INSTRUCTIONS FOR THE TASK - Each line below from the one containing "#472 = VECTOR('',#473,1.);" through the one containing "#532 = VERTEX_POINT('',#533);" should be output exactly as it stands, and no other line should appear.

Saved entries
+---+

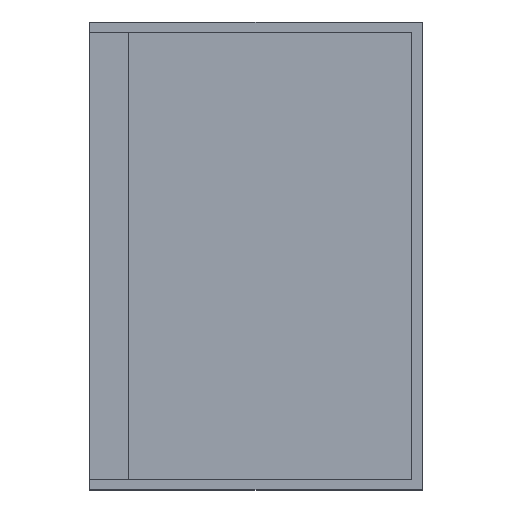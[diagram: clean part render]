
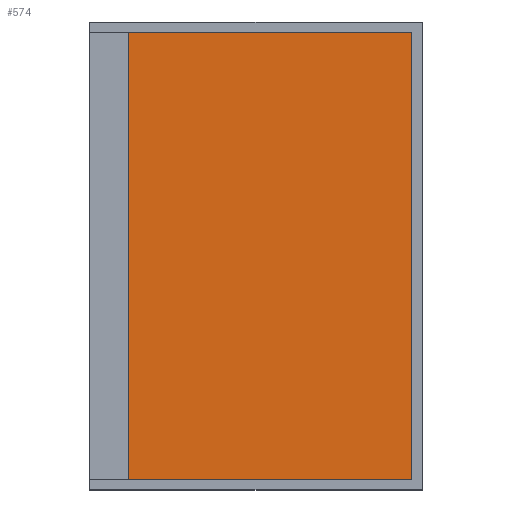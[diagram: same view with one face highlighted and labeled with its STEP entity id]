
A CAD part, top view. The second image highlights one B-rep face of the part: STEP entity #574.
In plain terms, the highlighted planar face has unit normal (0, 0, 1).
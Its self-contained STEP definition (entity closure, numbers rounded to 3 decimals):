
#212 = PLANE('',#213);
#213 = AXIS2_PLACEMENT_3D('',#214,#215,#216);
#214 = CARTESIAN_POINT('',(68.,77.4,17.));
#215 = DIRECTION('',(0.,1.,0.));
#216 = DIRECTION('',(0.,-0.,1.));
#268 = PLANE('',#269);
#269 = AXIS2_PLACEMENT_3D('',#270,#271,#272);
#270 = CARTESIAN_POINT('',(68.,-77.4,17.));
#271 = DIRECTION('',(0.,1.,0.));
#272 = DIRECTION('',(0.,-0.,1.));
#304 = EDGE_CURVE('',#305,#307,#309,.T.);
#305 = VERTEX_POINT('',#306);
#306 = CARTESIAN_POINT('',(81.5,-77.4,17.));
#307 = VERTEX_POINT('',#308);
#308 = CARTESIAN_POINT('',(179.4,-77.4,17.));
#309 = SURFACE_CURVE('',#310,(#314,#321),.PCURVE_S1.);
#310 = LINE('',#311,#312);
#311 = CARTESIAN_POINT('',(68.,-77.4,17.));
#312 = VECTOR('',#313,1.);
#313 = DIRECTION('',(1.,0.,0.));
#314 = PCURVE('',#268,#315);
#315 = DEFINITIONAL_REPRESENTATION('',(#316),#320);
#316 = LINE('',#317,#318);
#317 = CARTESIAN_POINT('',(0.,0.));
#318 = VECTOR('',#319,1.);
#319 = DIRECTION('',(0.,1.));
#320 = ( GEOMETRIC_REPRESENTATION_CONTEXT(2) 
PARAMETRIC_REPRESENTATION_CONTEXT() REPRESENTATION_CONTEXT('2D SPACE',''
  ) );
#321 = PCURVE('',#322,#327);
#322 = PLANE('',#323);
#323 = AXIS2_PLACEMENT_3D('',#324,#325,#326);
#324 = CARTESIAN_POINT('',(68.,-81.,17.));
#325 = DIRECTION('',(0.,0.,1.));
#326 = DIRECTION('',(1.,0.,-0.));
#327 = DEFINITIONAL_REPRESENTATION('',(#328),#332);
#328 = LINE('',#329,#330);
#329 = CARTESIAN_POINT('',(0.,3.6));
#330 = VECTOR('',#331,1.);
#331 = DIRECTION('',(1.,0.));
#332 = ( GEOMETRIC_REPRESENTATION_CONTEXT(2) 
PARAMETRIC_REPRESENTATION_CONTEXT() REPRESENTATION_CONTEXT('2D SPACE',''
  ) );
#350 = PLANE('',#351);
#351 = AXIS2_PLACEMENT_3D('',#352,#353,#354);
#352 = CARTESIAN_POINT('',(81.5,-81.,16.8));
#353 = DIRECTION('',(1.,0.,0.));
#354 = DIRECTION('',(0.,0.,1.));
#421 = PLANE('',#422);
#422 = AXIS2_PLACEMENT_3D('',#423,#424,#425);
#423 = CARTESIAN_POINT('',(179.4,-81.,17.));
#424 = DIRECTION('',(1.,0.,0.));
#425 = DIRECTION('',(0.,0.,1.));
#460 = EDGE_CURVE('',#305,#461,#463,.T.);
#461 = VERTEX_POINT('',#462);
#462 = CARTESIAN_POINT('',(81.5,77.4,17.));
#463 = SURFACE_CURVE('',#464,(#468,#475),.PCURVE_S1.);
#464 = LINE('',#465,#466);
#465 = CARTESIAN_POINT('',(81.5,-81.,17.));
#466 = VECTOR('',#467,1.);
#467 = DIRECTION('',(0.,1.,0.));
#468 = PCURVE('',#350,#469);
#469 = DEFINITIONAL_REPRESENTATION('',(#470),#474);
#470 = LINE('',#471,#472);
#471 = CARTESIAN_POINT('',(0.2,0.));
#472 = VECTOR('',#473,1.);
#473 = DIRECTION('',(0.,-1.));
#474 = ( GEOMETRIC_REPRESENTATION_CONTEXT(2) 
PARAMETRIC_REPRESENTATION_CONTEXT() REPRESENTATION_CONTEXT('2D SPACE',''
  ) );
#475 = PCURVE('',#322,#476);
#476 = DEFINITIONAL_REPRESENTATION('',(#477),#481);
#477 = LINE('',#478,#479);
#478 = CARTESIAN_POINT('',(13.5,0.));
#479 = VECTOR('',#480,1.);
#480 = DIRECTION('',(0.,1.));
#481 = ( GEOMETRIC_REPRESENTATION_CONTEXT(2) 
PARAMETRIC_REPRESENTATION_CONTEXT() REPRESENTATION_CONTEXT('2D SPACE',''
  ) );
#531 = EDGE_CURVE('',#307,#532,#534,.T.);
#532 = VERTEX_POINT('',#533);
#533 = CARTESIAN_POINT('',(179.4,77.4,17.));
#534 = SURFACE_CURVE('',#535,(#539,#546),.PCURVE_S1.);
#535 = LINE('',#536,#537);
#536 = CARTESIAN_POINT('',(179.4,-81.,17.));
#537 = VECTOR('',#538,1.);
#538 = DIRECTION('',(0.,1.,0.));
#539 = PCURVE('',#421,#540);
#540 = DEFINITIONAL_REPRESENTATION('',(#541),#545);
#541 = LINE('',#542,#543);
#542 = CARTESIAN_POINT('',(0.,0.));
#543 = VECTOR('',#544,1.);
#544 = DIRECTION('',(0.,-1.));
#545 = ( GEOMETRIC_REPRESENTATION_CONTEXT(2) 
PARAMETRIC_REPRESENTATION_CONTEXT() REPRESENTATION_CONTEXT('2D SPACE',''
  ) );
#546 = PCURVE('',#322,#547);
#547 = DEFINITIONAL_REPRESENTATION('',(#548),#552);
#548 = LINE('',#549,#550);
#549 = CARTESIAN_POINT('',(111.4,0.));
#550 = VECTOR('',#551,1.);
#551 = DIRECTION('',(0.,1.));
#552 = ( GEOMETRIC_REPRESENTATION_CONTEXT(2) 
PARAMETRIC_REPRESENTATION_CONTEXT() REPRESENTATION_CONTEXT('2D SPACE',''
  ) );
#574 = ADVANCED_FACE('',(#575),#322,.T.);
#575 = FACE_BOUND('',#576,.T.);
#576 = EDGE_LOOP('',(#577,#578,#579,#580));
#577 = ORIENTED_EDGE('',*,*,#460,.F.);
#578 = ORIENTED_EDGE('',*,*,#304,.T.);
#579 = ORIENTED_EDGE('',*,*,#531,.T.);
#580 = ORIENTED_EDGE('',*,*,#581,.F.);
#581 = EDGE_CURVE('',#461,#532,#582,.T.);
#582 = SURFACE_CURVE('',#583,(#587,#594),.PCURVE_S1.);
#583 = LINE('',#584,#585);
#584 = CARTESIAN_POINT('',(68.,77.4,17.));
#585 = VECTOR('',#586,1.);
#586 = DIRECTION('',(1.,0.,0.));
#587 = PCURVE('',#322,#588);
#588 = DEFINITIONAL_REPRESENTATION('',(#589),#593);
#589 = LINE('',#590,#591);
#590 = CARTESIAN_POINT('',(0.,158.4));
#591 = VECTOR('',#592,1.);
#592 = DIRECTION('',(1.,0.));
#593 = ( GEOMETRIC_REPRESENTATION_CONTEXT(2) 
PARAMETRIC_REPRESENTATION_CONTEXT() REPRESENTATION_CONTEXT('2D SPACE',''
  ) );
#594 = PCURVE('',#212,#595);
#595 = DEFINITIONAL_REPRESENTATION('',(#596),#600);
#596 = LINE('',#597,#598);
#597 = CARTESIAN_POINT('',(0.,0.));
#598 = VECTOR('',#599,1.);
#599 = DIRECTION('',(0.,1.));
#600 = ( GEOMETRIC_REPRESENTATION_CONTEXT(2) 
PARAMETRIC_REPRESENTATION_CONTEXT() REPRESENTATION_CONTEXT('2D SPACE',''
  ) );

+---+

TASK SOLUTION -
#472 = VECTOR('',#473,1.);
#473 = DIRECTION('',(0.,-1.));
#474 = ( GEOMETRIC_REPRESENTATION_CONTEXT(2) 
PARAMETRIC_REPRESENTATION_CONTEXT() REPRESENTATION_CONTEXT('2D SPACE',''
  ) );
#475 = PCURVE('',#322,#476);
#476 = DEFINITIONAL_REPRESENTATION('',(#477),#481);
#477 = LINE('',#478,#479);
#478 = CARTESIAN_POINT('',(13.5,0.));
#479 = VECTOR('',#480,1.);
#480 = DIRECTION('',(0.,1.));
#481 = ( GEOMETRIC_REPRESENTATION_CONTEXT(2) 
PARAMETRIC_REPRESENTATION_CONTEXT() REPRESENTATION_CONTEXT('2D SPACE',''
  ) );
#531 = EDGE_CURVE('',#307,#532,#534,.T.);
#532 = VERTEX_POINT('',#533);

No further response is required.